Пансионская больница
Тихо и безмолвно стало в больнице по уходе Ивана Николаевича.
Ильич с важным видом учёного специалиста усаживался за стол приёмной среди разложенных книг и ведомостей, доставал медные очки на чёрных снурках и, завязавши их на затылке, начинал выводить медленным почерком по скорбным листам мудрёные латинские названия болезней и лекарств. Он несказанно гордился этим знанием латинских имён, которые он, впрочем, коверкал как ему бог на душу посылал, и которых плохо видевший Иван Николаевич, заклятый ненавистник всякой казёнщины и всякой формалистики, никогда не подвергал даже самой снисходительной критике.
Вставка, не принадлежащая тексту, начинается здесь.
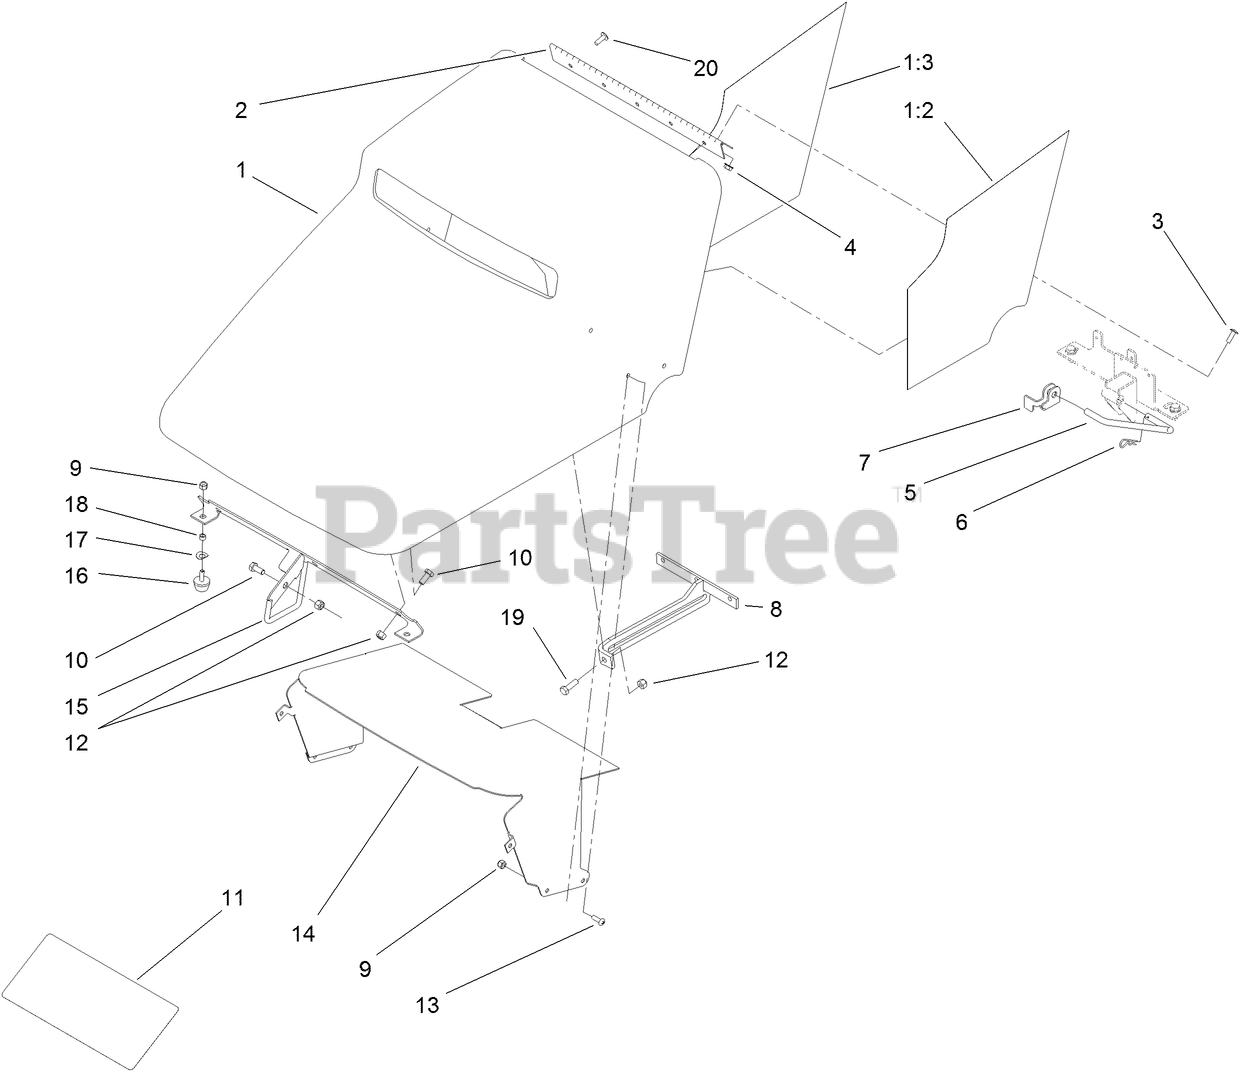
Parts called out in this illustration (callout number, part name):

Гораций, без сомнения, принял бы свой благозвучный родной язык за тарабарское наречие какого-нибудь парфянина или кимвра, если бы судьба привела его прочесть латинские упражнения нашего Ильича. Ильич с нескрываемым самодовольством и самоуверенностью смело подводил больных своей больницы под такие категории болезней, о которых не снилось ни больным, ни самому Ивану Николаевичу, не считая точность особенно нужною в этих случаях и искренно веруя, что латинские обозначения прописываются только для пущей важности и для самоуслаждения его, многоучёного Ильича. Вспомнит, например, помахав над бумагой пером, что есть болезнь tuberculosis — и валяет её старательно крупною каллиграфиею, ничтоже сумняся, в первый скорбный лист, на котором по насмешке судьбы приходится фигурировать какому-нибудь больному глазами. Над расстройством желудка вдруг неожиданно появляется хроническая золотуха, над переломом кости — перемежающаяся лихорадка.
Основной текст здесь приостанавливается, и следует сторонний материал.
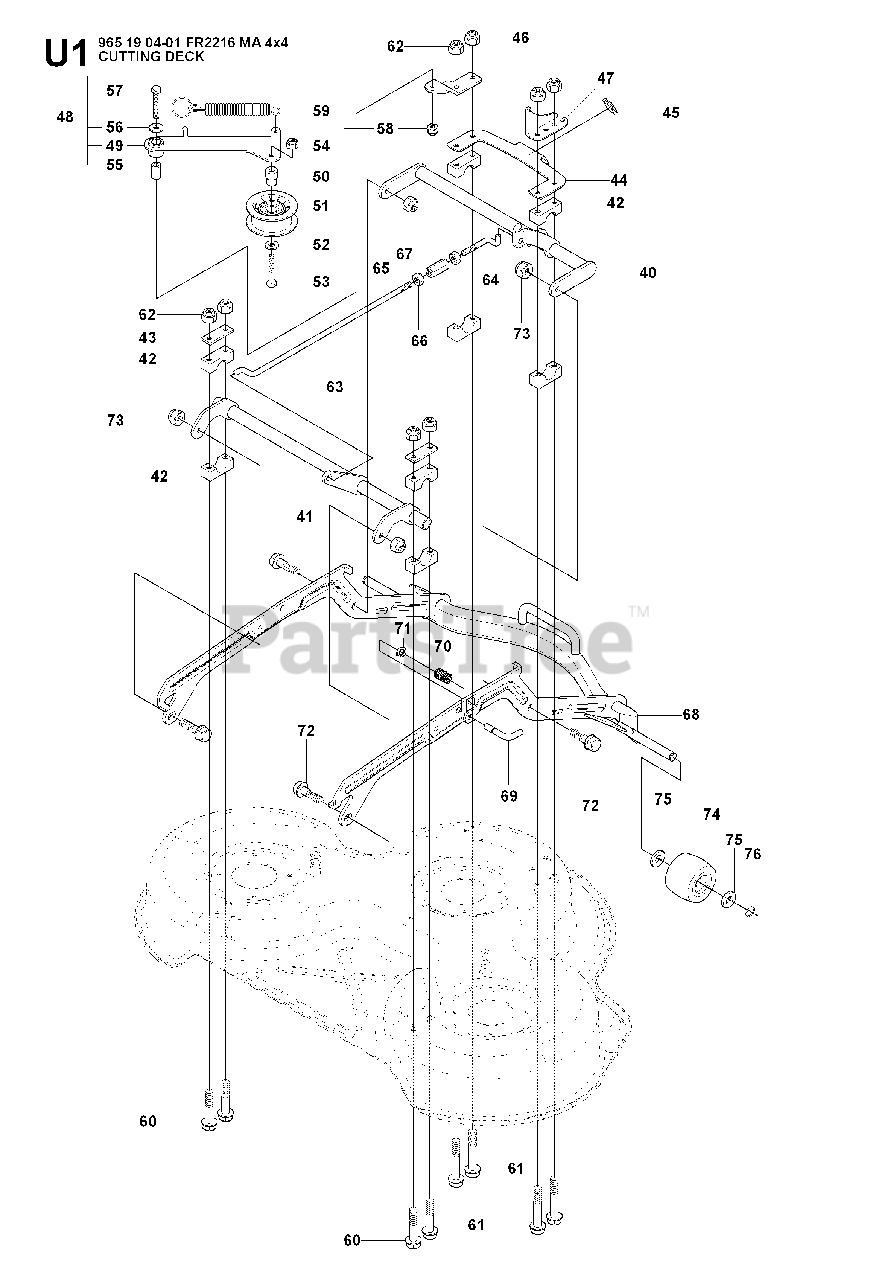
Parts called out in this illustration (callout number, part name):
54	LOCKNUT M8
57	SCREW
58	LOCKNUT M8
62	LOCKNUT M8
73	LOCKNUT M8
74	DECK ROLLER, FRONT
76	RETAINING RING SGA 15

И ведь целый вечер усердно работает, разбойник, начертывая потом эти апокрифические данные науки разведённым на воде мелом на зелёных жестяных скрижалях, торчащих, словно скворечня на шесте, в голове каждой нашей кроватки. И так ведь выходит красиво, и так внушительно! Войдёт чужой посетитель из родственников больных, войдёт инспектор, войдёт сам Иван Николаевич, посмотрят — всё так аккуратно, чисто, точно напечатано, ярлык от ярлыка, строка от строки, буква от буквы на равном расстоянии, — сердце радуется от гордости за свою больницу даже у нас, больных, не только у посетителя. И под каждым ярлыком перегнут опрятно сложенный скорбный лист. «Вот, должно быть, лечат-то где аккуратно! — подумает неопытный человек. — Ишь как расписано и описано! Ничего не укроется, ничего не забудут!»